> WHAT THIS TASK INVOLVES
Scan the entries below for the word "direction", then copy each line that holds it.

> INFORMATION SUPPLIED
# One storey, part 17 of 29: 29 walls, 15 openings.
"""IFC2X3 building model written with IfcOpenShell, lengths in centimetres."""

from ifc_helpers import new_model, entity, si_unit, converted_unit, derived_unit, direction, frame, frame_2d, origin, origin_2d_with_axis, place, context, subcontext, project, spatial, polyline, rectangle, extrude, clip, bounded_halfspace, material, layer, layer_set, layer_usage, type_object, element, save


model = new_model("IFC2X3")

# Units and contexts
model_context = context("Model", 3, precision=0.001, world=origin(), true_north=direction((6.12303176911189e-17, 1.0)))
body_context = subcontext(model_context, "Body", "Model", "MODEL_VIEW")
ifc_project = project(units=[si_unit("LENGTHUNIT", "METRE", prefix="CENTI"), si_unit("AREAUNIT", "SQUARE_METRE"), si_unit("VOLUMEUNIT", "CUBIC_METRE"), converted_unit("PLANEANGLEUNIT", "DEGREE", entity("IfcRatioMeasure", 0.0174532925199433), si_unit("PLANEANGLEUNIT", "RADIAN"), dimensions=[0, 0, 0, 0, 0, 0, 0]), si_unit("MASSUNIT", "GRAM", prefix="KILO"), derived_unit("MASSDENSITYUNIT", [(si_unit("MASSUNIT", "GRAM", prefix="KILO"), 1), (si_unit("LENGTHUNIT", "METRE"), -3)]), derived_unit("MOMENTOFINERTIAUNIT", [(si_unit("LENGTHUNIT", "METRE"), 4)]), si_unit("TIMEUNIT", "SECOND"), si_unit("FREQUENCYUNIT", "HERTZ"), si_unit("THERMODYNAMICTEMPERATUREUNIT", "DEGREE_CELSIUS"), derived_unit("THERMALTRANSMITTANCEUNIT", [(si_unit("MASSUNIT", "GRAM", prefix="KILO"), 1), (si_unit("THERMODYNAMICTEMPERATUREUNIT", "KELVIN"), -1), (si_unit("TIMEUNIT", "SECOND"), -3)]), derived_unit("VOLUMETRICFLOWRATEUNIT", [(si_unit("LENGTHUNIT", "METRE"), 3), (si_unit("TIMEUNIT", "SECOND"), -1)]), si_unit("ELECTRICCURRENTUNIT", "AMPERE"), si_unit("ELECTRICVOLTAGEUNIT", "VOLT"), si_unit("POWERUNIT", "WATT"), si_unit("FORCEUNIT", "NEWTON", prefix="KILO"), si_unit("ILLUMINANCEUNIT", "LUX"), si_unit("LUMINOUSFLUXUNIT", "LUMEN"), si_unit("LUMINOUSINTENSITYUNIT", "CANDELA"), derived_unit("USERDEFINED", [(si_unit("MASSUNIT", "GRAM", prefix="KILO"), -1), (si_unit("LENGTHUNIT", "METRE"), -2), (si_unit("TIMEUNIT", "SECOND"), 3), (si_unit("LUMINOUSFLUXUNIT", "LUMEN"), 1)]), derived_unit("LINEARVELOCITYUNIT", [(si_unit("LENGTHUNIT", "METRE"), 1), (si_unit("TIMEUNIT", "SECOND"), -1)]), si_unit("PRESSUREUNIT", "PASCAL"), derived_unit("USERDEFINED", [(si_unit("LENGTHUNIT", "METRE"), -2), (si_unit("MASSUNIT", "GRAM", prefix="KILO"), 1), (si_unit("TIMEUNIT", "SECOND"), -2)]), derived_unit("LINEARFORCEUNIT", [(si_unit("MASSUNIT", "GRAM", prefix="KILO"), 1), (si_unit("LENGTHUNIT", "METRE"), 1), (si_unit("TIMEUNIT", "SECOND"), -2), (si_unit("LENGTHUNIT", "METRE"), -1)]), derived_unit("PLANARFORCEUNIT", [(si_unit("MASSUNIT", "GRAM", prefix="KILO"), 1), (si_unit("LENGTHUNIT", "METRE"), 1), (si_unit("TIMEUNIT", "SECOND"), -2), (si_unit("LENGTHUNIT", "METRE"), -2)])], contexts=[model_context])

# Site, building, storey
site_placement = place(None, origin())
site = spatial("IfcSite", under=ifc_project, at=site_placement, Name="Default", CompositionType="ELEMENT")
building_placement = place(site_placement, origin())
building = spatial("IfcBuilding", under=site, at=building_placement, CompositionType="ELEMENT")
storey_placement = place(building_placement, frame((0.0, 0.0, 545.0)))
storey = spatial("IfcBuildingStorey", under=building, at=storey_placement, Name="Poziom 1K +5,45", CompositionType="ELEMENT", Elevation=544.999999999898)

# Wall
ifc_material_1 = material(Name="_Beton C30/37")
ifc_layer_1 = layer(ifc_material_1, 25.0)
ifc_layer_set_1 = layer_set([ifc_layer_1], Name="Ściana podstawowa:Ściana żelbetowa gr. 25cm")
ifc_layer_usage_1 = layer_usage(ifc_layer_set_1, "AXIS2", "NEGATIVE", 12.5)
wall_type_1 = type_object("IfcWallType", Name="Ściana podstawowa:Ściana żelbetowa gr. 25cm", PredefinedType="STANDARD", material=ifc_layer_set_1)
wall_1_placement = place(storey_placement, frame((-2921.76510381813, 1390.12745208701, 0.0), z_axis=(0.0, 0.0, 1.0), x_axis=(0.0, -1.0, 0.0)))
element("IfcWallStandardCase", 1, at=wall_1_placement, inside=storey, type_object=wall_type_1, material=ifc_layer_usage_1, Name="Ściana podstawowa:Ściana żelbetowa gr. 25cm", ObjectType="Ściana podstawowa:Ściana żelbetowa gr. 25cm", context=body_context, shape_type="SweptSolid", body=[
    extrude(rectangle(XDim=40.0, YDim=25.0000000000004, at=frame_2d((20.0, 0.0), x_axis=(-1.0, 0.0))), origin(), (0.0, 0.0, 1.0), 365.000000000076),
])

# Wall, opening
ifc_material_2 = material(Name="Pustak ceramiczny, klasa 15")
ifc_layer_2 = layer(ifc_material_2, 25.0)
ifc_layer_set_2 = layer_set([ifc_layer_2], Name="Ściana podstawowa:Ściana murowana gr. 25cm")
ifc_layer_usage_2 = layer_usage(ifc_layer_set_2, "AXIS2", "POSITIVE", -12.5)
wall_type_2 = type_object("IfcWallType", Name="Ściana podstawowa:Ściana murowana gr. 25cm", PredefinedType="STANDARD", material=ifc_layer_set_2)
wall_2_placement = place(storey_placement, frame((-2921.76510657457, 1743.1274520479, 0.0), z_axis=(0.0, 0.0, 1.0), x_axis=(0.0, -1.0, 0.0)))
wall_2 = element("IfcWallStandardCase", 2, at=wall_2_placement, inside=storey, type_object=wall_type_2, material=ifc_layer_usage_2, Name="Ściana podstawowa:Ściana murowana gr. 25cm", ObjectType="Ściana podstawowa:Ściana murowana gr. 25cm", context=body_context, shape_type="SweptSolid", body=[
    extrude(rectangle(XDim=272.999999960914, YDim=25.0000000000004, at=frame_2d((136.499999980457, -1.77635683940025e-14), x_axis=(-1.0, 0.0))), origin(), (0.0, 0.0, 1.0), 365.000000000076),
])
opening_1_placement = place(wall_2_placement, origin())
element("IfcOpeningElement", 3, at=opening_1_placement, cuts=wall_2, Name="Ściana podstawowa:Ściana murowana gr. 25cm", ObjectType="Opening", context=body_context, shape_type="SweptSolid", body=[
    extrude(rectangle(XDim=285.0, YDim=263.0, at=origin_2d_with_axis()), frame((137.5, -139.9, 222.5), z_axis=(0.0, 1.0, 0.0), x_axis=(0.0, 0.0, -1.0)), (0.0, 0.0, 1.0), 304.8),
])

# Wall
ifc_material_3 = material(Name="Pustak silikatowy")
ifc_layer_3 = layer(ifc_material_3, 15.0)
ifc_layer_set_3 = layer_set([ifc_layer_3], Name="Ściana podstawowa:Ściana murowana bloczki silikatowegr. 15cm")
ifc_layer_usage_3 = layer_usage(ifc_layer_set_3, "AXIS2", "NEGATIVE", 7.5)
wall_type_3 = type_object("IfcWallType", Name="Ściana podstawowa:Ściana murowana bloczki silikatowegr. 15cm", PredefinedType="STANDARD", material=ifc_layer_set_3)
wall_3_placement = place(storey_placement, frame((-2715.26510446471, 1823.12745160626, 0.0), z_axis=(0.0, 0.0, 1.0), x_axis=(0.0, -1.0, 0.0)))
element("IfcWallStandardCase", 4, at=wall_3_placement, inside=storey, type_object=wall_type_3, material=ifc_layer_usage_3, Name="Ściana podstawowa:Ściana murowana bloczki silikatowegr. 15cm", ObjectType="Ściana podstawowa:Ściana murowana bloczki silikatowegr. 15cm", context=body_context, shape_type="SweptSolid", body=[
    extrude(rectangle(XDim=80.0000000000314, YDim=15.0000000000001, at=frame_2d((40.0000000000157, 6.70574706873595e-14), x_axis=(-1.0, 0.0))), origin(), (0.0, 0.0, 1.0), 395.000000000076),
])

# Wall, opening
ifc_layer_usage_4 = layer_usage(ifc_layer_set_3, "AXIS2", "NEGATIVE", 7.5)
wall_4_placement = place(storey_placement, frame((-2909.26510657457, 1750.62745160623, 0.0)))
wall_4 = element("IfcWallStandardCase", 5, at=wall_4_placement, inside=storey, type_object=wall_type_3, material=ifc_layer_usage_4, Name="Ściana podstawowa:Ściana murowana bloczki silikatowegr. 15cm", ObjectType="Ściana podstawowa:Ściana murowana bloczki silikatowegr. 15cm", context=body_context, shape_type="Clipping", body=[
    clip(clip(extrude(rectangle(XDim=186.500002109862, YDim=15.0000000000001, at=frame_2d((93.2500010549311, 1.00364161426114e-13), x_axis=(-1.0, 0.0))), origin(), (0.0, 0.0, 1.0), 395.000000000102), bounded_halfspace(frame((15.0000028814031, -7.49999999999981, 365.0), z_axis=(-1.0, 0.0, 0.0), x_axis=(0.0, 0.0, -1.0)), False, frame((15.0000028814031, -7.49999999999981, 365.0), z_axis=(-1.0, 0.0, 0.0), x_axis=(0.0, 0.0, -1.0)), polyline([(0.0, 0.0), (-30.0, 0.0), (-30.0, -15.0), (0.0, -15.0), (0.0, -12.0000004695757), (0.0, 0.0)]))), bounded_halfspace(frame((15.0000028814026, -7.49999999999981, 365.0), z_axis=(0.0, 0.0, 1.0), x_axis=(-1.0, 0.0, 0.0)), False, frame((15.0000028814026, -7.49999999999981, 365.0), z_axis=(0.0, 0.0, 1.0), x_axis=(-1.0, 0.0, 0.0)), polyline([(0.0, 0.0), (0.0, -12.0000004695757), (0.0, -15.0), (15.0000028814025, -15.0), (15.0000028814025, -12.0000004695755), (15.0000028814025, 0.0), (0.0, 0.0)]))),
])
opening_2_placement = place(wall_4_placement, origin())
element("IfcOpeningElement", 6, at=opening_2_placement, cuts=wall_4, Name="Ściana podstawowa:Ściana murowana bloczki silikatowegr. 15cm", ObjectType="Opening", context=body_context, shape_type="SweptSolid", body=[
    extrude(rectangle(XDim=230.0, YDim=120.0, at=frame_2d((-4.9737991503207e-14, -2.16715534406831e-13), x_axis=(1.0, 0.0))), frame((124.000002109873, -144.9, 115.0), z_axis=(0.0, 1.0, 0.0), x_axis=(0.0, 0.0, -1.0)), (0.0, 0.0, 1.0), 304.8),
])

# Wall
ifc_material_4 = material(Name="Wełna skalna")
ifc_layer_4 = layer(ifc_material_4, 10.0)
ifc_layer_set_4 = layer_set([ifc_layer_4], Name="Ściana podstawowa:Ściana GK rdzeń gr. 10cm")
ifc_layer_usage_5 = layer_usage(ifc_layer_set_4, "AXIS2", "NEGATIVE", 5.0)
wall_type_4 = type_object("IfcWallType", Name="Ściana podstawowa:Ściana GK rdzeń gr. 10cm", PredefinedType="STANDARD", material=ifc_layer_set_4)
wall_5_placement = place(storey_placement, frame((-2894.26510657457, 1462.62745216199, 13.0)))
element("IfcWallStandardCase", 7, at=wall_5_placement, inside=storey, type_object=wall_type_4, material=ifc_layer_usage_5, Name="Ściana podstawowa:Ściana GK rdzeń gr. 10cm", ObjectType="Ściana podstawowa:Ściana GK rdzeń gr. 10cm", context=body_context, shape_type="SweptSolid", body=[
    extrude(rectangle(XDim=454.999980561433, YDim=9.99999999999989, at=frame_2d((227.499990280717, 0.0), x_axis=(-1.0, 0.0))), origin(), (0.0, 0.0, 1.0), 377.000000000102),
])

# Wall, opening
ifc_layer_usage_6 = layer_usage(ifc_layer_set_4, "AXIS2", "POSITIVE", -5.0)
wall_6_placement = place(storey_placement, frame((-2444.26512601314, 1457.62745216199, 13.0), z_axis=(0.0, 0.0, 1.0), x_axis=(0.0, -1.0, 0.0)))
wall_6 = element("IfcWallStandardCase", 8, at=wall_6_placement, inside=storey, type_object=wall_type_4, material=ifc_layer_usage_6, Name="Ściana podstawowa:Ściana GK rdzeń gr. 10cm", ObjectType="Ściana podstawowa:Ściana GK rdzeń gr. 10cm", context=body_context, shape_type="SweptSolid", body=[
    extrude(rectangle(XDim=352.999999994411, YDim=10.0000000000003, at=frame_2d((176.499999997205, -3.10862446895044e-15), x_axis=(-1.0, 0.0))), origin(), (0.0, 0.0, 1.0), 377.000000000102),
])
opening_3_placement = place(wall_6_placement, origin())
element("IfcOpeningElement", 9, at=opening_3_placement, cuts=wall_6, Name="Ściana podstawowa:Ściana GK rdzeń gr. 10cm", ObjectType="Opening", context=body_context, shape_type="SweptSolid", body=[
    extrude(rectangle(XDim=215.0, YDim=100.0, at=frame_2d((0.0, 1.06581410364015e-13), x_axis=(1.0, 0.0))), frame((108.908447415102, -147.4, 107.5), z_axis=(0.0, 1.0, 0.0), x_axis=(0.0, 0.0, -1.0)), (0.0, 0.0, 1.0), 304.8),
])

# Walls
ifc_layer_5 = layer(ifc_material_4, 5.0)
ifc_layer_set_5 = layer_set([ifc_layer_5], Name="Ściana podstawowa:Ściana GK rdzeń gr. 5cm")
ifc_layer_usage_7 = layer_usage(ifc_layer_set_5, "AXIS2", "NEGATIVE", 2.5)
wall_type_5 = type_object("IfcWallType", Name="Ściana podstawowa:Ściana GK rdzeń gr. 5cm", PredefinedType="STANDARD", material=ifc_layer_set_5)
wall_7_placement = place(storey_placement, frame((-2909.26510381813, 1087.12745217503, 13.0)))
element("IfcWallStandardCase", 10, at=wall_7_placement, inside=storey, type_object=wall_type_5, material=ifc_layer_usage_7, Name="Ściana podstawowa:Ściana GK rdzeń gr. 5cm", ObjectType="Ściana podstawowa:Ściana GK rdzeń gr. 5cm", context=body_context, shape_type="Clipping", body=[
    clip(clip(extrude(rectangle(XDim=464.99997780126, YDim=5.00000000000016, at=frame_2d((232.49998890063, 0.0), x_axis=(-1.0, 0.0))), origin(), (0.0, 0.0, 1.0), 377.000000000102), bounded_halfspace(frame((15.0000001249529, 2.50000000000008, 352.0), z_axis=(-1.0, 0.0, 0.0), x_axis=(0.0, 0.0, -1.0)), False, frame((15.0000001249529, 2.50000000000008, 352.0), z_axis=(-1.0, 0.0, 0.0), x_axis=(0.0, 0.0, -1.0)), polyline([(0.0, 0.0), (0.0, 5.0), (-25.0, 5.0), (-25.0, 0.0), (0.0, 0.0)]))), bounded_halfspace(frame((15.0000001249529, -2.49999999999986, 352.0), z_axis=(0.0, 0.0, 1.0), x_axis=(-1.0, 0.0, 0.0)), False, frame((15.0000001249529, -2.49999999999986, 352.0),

> FINISHED EXERCISE
from ifc_helpers import new_model, entity, si_unit, converted_unit, derived_unit, direction, frame, frame_2d, origin, origin_2d_with_axis, place, context, subcontext, project, spatial, polyline, rectangle, extrude, clip, bounded_halfspace, material, layer, layer_set, layer_usage, type_object, element, save
model_context = context("Model", 3, precision=0.001, world=origin(), true_north=direction((6.12303176911189e-17, 1.0)))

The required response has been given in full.